Effect of different retention times on fingermarks development. Retaining time: (A) 1, (B) 7, (C) 15 and (D) 30 d. The left side of the image is developed, and the right side is the original. Monodisperse silica nanoparticle (MSN) suspension solvent was ethanol and the surfactant was 1.0% Tween 80. Camera settings: film, ISO, 200; aperture, f/8; and exposure time, 1/32 s.

Conclusion

In this study, the MSN suspension was sprayed to develop latent blood fingermarks on black nonporous plastic surfaces. This method showed high developing efficiency and clear images under white or monospectral light by simply spraying and rinsing. The ridges of the developed fingermarks were fine and smooth, and there was great contrast between the fingermarks and the background. Since the developing suspension contains ethanol, there is no need to fix the latent blood fingermarks before development. The photonic crystal effect of the MSNs eliminates the need for conjugation with dyes or fluorescent labels for latent fingermark visualization. Because of the high affinity of the MSNs for the protein molecules in the blood fingermarks, surface functionalization of the MSNs is not required. In addition, this strong affinity provides a longer window of detection with at least 30 d of blood fingermark retention time.

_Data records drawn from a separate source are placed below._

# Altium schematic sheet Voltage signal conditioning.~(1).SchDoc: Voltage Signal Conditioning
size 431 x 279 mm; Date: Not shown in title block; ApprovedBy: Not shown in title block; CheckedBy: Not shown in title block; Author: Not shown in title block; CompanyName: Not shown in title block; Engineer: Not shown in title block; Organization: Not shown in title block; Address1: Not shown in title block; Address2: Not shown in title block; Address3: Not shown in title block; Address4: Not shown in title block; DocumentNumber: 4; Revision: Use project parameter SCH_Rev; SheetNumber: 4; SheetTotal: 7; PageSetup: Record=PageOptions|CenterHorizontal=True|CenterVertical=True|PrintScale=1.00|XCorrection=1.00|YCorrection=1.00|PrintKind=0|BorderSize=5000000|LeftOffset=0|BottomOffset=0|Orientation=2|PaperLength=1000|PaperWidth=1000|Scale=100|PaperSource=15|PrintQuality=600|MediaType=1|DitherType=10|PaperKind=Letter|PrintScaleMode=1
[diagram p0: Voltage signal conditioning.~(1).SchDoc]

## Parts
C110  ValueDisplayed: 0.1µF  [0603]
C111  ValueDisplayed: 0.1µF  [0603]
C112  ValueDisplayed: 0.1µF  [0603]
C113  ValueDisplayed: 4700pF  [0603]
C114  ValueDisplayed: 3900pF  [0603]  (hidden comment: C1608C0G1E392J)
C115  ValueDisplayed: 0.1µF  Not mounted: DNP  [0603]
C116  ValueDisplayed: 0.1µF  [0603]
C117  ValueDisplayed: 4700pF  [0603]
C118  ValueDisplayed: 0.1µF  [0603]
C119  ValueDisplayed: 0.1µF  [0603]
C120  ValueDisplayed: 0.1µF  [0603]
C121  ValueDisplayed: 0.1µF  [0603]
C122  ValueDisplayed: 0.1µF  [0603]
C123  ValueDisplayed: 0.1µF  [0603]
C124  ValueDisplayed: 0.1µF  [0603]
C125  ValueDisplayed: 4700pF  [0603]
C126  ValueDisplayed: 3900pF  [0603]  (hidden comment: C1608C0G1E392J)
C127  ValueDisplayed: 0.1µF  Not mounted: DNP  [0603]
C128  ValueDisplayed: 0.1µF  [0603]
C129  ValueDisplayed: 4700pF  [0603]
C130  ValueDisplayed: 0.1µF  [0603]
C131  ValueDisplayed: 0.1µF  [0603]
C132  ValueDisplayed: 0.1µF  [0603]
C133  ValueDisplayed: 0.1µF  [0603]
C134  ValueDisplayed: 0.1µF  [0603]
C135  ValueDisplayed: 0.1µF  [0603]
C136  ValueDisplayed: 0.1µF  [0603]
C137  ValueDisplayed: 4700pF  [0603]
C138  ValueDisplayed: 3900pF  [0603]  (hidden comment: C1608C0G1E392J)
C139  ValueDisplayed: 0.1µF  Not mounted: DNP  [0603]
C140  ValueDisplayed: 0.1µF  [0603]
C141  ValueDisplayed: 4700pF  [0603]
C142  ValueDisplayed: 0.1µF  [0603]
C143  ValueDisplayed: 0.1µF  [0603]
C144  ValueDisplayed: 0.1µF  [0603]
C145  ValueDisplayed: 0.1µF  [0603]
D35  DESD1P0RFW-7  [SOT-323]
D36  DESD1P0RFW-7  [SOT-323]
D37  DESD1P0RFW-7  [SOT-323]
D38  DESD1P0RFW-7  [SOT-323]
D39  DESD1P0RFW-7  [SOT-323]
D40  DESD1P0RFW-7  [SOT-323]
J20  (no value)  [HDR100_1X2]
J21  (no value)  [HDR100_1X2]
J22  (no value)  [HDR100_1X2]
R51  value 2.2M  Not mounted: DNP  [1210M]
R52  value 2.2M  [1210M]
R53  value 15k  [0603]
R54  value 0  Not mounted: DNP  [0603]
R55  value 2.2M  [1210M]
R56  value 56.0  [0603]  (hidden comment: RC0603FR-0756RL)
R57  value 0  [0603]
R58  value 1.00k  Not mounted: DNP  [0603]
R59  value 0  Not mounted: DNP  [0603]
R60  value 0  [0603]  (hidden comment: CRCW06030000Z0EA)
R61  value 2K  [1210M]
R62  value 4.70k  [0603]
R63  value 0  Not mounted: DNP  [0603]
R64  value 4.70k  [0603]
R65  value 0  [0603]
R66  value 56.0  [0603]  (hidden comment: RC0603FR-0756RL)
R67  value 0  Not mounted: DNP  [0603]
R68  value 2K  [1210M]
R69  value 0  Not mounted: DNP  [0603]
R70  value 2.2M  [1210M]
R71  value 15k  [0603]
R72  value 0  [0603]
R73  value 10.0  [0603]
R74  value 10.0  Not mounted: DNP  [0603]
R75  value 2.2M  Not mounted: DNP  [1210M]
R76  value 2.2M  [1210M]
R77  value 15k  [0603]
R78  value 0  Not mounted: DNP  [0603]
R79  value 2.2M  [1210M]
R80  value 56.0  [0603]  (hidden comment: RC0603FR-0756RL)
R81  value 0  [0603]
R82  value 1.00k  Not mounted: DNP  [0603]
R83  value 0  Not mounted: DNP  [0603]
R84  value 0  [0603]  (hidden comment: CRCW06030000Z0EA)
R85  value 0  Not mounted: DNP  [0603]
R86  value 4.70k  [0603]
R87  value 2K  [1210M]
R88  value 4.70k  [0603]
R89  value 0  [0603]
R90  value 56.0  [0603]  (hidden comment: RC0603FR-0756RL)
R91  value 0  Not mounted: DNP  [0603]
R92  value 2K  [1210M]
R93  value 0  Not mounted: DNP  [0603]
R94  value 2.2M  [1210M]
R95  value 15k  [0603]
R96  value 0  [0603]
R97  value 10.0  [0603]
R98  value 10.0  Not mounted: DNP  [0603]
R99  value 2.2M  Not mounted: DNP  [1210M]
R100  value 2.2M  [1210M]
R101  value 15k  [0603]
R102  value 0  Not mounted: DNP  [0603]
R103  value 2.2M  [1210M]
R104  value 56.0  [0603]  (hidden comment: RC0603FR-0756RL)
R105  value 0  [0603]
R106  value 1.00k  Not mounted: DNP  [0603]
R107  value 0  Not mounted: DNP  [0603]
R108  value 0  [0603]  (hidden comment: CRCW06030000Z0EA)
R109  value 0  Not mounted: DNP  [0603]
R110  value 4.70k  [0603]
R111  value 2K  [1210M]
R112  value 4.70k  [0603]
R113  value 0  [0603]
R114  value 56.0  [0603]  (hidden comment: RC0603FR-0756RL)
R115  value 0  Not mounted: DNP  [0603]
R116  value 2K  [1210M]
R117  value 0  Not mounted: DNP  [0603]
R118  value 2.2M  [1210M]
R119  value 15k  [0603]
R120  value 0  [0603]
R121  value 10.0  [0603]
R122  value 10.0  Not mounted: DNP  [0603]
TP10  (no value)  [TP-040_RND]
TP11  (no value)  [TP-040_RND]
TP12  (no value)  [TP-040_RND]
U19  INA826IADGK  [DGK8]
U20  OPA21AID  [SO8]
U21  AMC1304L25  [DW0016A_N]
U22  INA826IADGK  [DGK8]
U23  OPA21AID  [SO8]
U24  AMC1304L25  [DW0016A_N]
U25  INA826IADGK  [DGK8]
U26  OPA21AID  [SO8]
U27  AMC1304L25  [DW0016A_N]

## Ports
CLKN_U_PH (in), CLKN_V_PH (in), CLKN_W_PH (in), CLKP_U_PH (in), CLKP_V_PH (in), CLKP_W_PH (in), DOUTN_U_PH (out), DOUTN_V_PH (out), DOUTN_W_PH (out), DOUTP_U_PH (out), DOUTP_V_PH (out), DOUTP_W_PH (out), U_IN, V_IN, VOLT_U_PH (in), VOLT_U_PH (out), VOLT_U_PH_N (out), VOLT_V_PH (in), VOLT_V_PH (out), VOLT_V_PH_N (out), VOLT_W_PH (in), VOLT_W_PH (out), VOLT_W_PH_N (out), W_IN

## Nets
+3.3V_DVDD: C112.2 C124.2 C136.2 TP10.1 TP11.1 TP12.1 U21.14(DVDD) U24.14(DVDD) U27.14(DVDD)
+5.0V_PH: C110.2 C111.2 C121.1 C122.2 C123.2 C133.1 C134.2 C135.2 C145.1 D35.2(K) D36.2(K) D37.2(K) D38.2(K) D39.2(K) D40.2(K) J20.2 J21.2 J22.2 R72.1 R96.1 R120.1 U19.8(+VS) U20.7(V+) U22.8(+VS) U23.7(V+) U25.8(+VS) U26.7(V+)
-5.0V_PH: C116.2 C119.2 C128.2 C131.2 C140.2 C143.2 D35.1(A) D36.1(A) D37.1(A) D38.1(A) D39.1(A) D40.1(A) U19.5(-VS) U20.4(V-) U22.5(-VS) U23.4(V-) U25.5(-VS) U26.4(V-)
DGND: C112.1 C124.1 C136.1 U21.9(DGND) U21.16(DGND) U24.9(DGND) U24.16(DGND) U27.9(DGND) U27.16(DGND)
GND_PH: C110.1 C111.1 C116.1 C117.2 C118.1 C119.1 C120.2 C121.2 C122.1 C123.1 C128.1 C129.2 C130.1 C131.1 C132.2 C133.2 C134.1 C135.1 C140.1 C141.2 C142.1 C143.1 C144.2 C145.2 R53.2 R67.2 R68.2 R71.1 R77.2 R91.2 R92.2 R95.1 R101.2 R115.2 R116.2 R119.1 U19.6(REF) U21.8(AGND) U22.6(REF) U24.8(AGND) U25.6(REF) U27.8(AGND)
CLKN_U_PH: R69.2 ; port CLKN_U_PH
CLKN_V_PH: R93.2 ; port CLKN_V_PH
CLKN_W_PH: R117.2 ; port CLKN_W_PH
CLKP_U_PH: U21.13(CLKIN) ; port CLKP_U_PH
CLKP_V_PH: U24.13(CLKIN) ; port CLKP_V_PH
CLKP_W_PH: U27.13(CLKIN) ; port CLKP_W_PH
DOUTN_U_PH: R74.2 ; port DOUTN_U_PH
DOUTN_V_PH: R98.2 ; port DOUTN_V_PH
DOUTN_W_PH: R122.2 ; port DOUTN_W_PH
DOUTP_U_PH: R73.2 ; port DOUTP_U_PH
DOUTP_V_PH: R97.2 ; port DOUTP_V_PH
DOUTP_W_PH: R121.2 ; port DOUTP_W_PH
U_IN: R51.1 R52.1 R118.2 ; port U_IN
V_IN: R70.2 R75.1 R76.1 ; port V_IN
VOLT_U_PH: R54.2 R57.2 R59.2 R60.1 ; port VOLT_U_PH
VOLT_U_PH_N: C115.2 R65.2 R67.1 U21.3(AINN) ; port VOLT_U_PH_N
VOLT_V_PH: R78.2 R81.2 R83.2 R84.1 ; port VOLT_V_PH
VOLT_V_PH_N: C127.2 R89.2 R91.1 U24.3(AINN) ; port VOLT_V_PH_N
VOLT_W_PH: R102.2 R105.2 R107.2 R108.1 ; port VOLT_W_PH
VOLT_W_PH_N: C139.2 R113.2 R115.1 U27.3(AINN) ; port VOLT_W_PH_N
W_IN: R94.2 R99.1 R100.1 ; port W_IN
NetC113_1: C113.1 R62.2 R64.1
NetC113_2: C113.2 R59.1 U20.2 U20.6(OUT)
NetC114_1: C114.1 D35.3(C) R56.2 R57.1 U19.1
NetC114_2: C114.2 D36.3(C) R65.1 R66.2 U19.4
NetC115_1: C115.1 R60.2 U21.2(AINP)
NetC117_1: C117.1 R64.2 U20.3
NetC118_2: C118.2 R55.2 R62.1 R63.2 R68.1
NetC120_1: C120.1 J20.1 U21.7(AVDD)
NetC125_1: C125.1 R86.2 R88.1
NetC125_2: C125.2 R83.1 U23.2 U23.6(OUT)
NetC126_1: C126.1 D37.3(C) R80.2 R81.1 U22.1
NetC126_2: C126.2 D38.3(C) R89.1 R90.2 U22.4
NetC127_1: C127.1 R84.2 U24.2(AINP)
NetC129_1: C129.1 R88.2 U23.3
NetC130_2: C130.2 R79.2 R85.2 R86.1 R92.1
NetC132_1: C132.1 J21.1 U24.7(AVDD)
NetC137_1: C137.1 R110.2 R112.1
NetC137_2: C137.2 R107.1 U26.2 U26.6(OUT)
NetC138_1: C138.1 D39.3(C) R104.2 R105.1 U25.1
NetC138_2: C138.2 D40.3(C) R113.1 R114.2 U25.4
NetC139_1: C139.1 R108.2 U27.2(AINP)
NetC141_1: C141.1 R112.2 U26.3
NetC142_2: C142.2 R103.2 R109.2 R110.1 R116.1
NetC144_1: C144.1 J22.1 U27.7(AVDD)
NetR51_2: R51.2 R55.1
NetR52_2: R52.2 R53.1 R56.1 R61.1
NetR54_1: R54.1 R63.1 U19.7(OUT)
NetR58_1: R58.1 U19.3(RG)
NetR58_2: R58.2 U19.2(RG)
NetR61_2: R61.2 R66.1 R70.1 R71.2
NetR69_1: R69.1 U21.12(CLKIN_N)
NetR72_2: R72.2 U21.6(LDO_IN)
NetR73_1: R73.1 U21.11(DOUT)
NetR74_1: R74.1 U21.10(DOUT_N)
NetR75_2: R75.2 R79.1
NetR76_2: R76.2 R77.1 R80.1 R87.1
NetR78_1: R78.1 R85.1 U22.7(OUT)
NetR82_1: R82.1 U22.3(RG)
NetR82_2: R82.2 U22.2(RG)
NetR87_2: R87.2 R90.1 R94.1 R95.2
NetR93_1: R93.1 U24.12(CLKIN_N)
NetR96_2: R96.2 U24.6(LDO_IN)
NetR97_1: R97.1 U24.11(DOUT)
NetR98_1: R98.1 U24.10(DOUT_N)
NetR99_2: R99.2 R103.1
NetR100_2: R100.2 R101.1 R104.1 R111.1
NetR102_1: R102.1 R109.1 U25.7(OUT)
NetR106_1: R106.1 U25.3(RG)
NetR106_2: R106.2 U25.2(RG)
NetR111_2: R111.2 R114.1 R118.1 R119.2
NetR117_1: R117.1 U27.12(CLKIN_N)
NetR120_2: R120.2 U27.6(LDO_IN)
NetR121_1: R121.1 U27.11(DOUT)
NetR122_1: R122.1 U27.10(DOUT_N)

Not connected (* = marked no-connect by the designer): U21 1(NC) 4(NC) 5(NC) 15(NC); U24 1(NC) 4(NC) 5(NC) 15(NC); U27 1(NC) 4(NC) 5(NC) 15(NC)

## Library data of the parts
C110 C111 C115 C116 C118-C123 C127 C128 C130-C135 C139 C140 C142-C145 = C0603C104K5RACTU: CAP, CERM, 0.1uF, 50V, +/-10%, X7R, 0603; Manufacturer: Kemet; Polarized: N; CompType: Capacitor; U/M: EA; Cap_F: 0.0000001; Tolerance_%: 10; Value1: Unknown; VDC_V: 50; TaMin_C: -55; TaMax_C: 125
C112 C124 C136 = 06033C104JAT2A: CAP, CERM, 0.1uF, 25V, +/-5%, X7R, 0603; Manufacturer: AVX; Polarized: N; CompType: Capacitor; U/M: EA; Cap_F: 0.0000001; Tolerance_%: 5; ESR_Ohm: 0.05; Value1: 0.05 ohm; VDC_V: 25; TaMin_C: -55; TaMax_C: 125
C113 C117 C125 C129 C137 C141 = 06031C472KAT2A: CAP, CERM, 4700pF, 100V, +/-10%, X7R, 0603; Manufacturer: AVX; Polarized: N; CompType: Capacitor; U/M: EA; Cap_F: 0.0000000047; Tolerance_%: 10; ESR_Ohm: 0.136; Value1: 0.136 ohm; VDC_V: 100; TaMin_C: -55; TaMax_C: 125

The photonic crystal effect produced by MSNs through self-assembly and the modulation of light waves have the potential to make the developed finger-marks different colours to enhance the contrast with the background and eliminate the background interference. By selecting the appropriate monospectral light and filter, the contrast between the fingermarks and the background could potentially be further strengthened to expand the scope of the application of this method. In future studies, focus will be placed on the developing efficiency of this method on latent blood fingermarks deposited on different porous and nonporous objects as well as on developing latent sweat or oil-sweat mixed fingermarks.